Mark Fleming, chief economist for CoreLogic noted that a decline in the flow of delinquent loans is a big part of the story here. LPS Applied Analytics, which tracks nearly 40 million mortgages, issued a preliminary report yesterday showing that the mortgage delinquency rate (mortgages at least 30 days late) in May was 18 percent lower than a year earlier. And a joint report from S&P/Experian out yesterday shows the default rate on first mortgages in April is nearly 40 percent below the year-earlier level.
Still, no one is breaking out any champagne. As CoreLogic’s Fleming pointed out, “it will probably take several years for the shadow inventory to be absorbed given the long timelines in processing and completing foreclosures.”
That may well be true. But as noted in 7 Reasons Why Now is a Good Time to Buy a Home, not every state is buried in foreclosures. For example, while 53 percent of recent sales in Nevada were foreclosures, they represent just 7 percent of the New York state sales.

The Big Wild Card
There is one other market driver that could spell the most surprise for the housing market, and not in a good way. CoreLogic reports that there are nearly 11 million homeowners with negative equity, meaning their mortgage is higher than their home’s value. And 2 million of those underwater homeowners are more than 50 percent underwater. Those are the big wild cards in whether the recent less-bad news about the housing market continues, or we get smacked with another leg down.
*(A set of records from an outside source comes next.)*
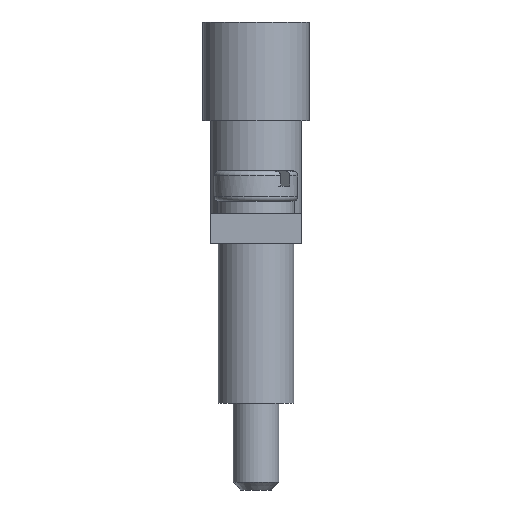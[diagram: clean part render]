
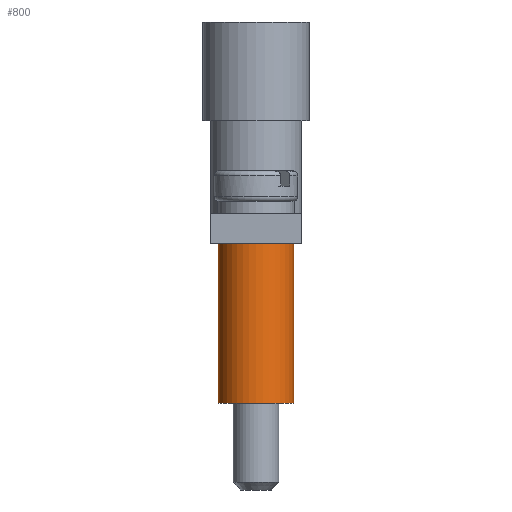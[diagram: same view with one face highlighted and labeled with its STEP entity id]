
A CAD part, left-side view. The second image highlights one B-rep face of the part: STEP entity #800.
In plain terms, the highlighted cylindrical face has radius 2.5 mm (diameter 5 mm), a full revolution.
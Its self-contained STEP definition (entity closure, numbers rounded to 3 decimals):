
#800=ADVANCED_FACE('',(#3002,#3004),#3006,.T.);
#3002=FACE_OUTER_BOUND('',#3003,.T.);
#3003=EDGE_LOOP('',(#4829));
#3004=FACE_OUTER_BOUND('',#3005,.T.);
#3005=EDGE_LOOP('',(#4830));
#3006=CYLINDRICAL_SURFACE('',#3007,2.5);
#3007=AXIS2_PLACEMENT_3D('',#3008,#3009,#3010);
#3008=CARTESIAN_POINT('',(3.5,3.,0.));
#3009=DIRECTION('',(0.,0.,-1.));
#3010=DIRECTION('',(0.,-1.,0.));
#4829=ORIENTED_EDGE('',*,*,#5601,.T.);
#4830=ORIENTED_EDGE('',*,*,#5769,.F.);
#5601=EDGE_CURVE('',#6233,#6233,#6234,.T.);
#5769=EDGE_CURVE('',#6491,#6491,#6492,.T.);
#6233=VERTEX_POINT('',#7348);
#6234=CIRCLE('',#7349,2.5);
#6491=VERTEX_POINT('',#7954);
#6492=CIRCLE('',#7955,2.5);
#7348=CARTESIAN_POINT('',(3.5,0.5,0.));
#7349=AXIS2_PLACEMENT_3D('',#7350,#7351,#7352);
#7350=CARTESIAN_POINT('',(3.5,3.,0.));
#7351=DIRECTION('',(0.,0.,-1.));
#7352=DIRECTION('',(0.,-1.,0.));
#7954=CARTESIAN_POINT('',(3.5,0.5,-10.5));
#7955=AXIS2_PLACEMENT_3D('',#7956,#7957,#7958);
#7956=CARTESIAN_POINT('',(3.5,3.,-10.5));
#7957=DIRECTION('',(0.,0.,-1.));
#7958=DIRECTION('',(0.,-1.,0.));

And a lot of that is going to be determined not so much by the housing market itself, but whether the economic soft patch doesn’t ossify and we’re able get some meaningful job growth.
But again, just as with the foreclosure data, the negative equity story is also skewed by what’s going on a few of the hardest hit states. CoreLogic says that 22.7 percent of all homeowners are underwater. But looking at just the most troubled states — Arizona, Florida, Michigan, and California — the share of homeowners that are under water jumps to 39 percent. Outside of those five states, the negative equity share is a still bad (but not nearly as bad) 16 percent. - By Carla Fried

California May Home Sales an estimated 35,536 were Sold

An estimated 35,536 new and resale houses and condos were sold statewide last month. That was up 0.9 percent from 35,202 sales in April, and down 13.3 percent from 40,965 sales in May 2010. California sales for the month of May have varied from a low of 32,223 in 1995 to a high of 67,958 in 2004, while the average is 46,840. DataQuick's statistics go back to 1988.
The median price paid for a home in California last month was $249,000, unchanged from April, and down 10.4 percent from $278,000 in May 2010. The year-over-year decrease was the eighth in a row after 11 months of increases. The last time the median fell more on a year-over-year basis was in September 2009, when it fell 11.3 percent. The statewide median’s low point in the current cycle was $221,000 in April 2009, while the peak was $484,000 in early 2007.
Distressed property sales made up about 53 percent of California’s resale market last month.
Of the existing homes sold in May, 35.5 percent were properties that had been foreclosed on during the prior 12 months. That was down from 36.4 percent in April and about the same as 35.4 percent in May 2010. The all-time high was 58.5 percent in February 2009.
Short sales – transactions where the sale price fell short of what was owed on the property – made up an estimated 17.9 percent of resales last month. That was up from and estimated 16.9 percent in April but down from 18.9 percent a year earlier. Two years ago short sales made up 12.2 percent of the resale market.
The typical mortgage payment that home buyers committed themselves to paying last month was $1,025. That was down from $1,050 in April and and down from $1,178 in May 2010. Adjusted for inflation, last month's mortgage payment was 53.8 percent below the spring 1989 peak of the prior real estate cycle. It was 61.5 percent below the current cycle's peak in June 2006.
San Diego-based DataQuick monitors real estate activity nationwide and provides information to consumers, educational institutions, public agencies, lending institutions, title companies and industry analysts.
Indicators of market distress continue to move in different directions. Foreclosure activity has declined somewhat but remains high by historical standards. Financing with multiple mortgages is low, down payment sizes are stable, cash and non-owner occupied buying has eased a bit this spring but remains relatively high, DataQuick reported. - DQNews

Saturday, June 4, 2011

Slow-moving economy runs into 'brick wall'

By John W. Schoen - Policymakers, investors and economic forecasters are hoping that a sharp slowdown in economic growth last month was only a speed bump on an already bumpy road to recovery.
Because otherwise the ride could get a whole lot rougher.
Friday's jobs numbers showed that the economy produced a meager 54,000 new jobs in May with weakness across all sectors. The data capped a week of reports pointing to a sudden, unexpected slowdown in the recovery.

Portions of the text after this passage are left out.